The military android grabbed his head with a grip similar to that of a digger claw and began dragging him behind it.

Dean tried to fight back until he realized the machine was heading straight for the camp and the abyss beyond.

Once there, Dean was slammed to the ground.

More units had appeared, several TCUs, but also some other types of androids. Washington and Elsa had been forced to their knees, behind her stood an android whose right hand had been replaced by a mean-looking diamond-covered chainsaw.

From Elli, however, the androids kept a strange distance. Dean read disgust in some of the faces.
He was getting scared.

"Elsa? What's wrong?" he asked fearfully.

"They found us, Dean," Elsa replied only strangely monotone.

Behind her, the chainsaw screeched.

"Quiet!" barked its owner.

Then the rhythmic pounding sounded.

A fir tree fell as the scorpion came to the precipice.

"Washington," he greeted.

"Claw," it came back with spiteful politeness.

Claw turned to the saw android.

"Eliminate."

The saw howled and went right through Washington's chest. He tried to fight back, but other androids rushed to hold him down as the saw worked its way inexorably through his black box. The soul of an android, Dean knew.

"No!" he cried helplessly as the chainsaw exited the front of Washington's chest again. "Stop it!"

The executioner pulled his tool out again and Washington collapsed lifelessly.

"Why are you doing this!!!" Dean asked, stunned.

"I guess you're not programmed to understand," Claw replied tersely. "After all, you want to keep defective products in operation. Kain, eliminate the other one too."

Dean's metaphorical ears perked up. The saw android was moving into position behind Elsa…

With the courage of desperation Dean got up and tried to ram the android. Unfortunately, the android was much more solidly built than he. With his normal hand he gave Dean such a blow that his face got a dent. He flew backwards and fell on top of Elli, who gasped under the impact.
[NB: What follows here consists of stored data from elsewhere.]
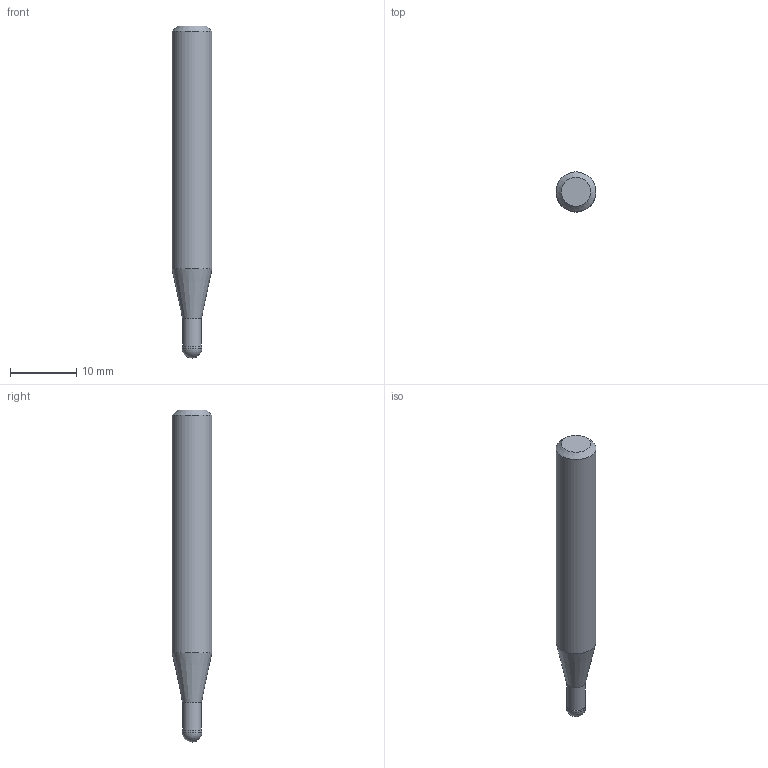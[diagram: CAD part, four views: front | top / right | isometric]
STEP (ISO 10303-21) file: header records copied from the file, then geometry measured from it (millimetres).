
FILE_DESCRIPTION((''),'2;1');
FILE_NAME('C:\Users\nsx150\AppData\Local\Temp\Mastercam 2021\LJSIDMOTM8\TEMP.step','2021-08-03T14:23:14',(''),(''),'STEP Write','Mastercam 2021 ... CNC Software, Inc.','');
FILE_SCHEMA(('AUTOMOTIVE_DESIGN'));
Length unit declared in the file: millimetre
Products named in the file (1): None
Bounding box: 6 x 6 x 50 mm (x, y, z)
Volume: 1183.8 mm3; surface area: 881.6 mm2
Topology: 2 solids, 2 shells, 9 faces, 14 edges, 8 vertices
Faces by surface type: plane 3, cylinder 3, cone 2, sphere 1
Full cylindrical faces by diameter (mm): 2.85 x1, 3 x1, 6 x1
Entity records: 211 total; most frequent: DIRECTION 36, CARTESIAN_POINT 25, AXIS2_PLACEMENT_3D 18, ORIENTED_EDGE 14, EDGE_LOOP 14, STYLED_ITEM 12, ADVANCED_FACE 9, FACE_BOUND 8
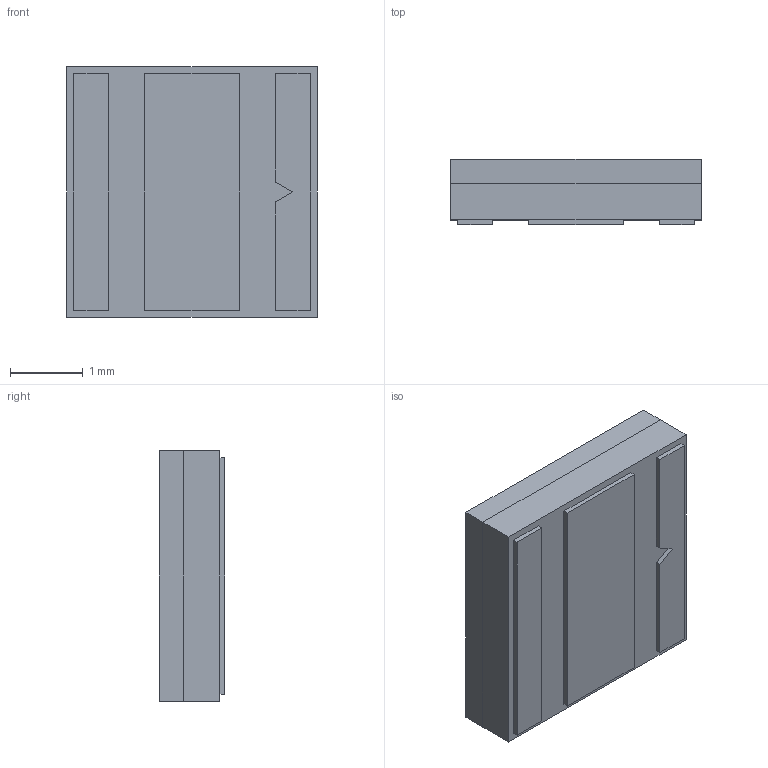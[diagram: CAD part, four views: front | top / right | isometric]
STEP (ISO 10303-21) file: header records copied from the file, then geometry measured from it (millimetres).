
FILE_DESCRIPTION (( 'STEP AP203' ), '1' );
FILE_NAME ('HM.STEP', '2024-01-18T08:05:56', ( '' ), ( '' ), 'SwSTEP 2.0', 'SolidWorks 2016', '' );
FILE_SCHEMA (( 'CONFIG_CONTROL_DESIGN' ));
Length unit declared in the file: millimetre
Products named in the file (1): HM
Bounding box: 3.45 x 0.9 x 3.45 mm (x, y, z)
Surface area: 82.5 mm2
Topology: 3 solids, 3 shells, 40 faces, 93 edges, 62 vertices
Faces by surface type: plane 40
Entity records: 1194 total; most frequent: CARTESIAN_POINT 196, ORIENTED_EDGE 186, DIRECTION 175, VECTOR 93, EDGE_CURVE 93, LINE 93, VERTEX_POINT 62, EDGE_LOOP 45

He just managed to stop his momentum as he rolled down, or he would have fallen over the edge.

He looked back at Elsa in despair.

"It's going to be… It's going to be okay, Dean-" was all Elsa could get out.

Then the saw excited her chest.

She fell to the ground after the chainsaw was pulled back out and didn't move.
"Him too?" asked the executioner.

"No," Claw gave back. "I think he'll do well for an experiment. Let's see how well the human machines respond to propaganda…. But now for you…"

The mechanical scorpion stalked toward Elli.

"I want you to know that the artifact you destroyed would have catapulted our technology forward by millennia. I'd love to have you publicly executed, but that seems to be taken from me already…"

Dean didn't know exactly what he meant until he saw Ellis' left foot. Its impact had ripped open the nanoshell. Her leg was gradually, but with increasing speed, turning into gray dust.

"We should stop her from getting into the Noosphere," Claw mused. "Who knows what she can do there. Crush her."

Two heavy androids approached and lifted their feet.

"PLEASE STOP!" roared Dean, getting on all fours and standing protectively over Elli. Then the kicks hit him.

Again and again.

Elli beneath him slowly opened her eyes and looked into his face, which was consumed with despair.
"It's all right, Dean," she whispered, barely audible.

The servo motor in Dean's right shoulder joint failed. He buckled.

Meanwhile, the dust worked its way up Ellis' stomach.

He would not be able to save her. But what was the Noosphere? If Elli got there, could she get back? Dean had to try.

He grabbed Elli's now much lighter body with his working arm and heaved her over the edge to safety from the feet.

"NO!" yelled Claw as she fell down the cliff and disappeared into the whirlpool.
"Should we go after her?" asked one of the machines.

"No," came from the scorpion. "Whatever, with a little luck she'll drown first. I'll take this defective unit with me."

Dean resisted, but he was grabbed with tremendous force by the junk claw on Claw's tail and lifted into the air. The whole squad started to move, no longer wasting a glance at the destroyed androids or the abyss.

If they had, they might have noticed that for a short time the whirlpool swelled so much that it took up almost all the water of the river. But the phenomenon lasted only for a few seconds.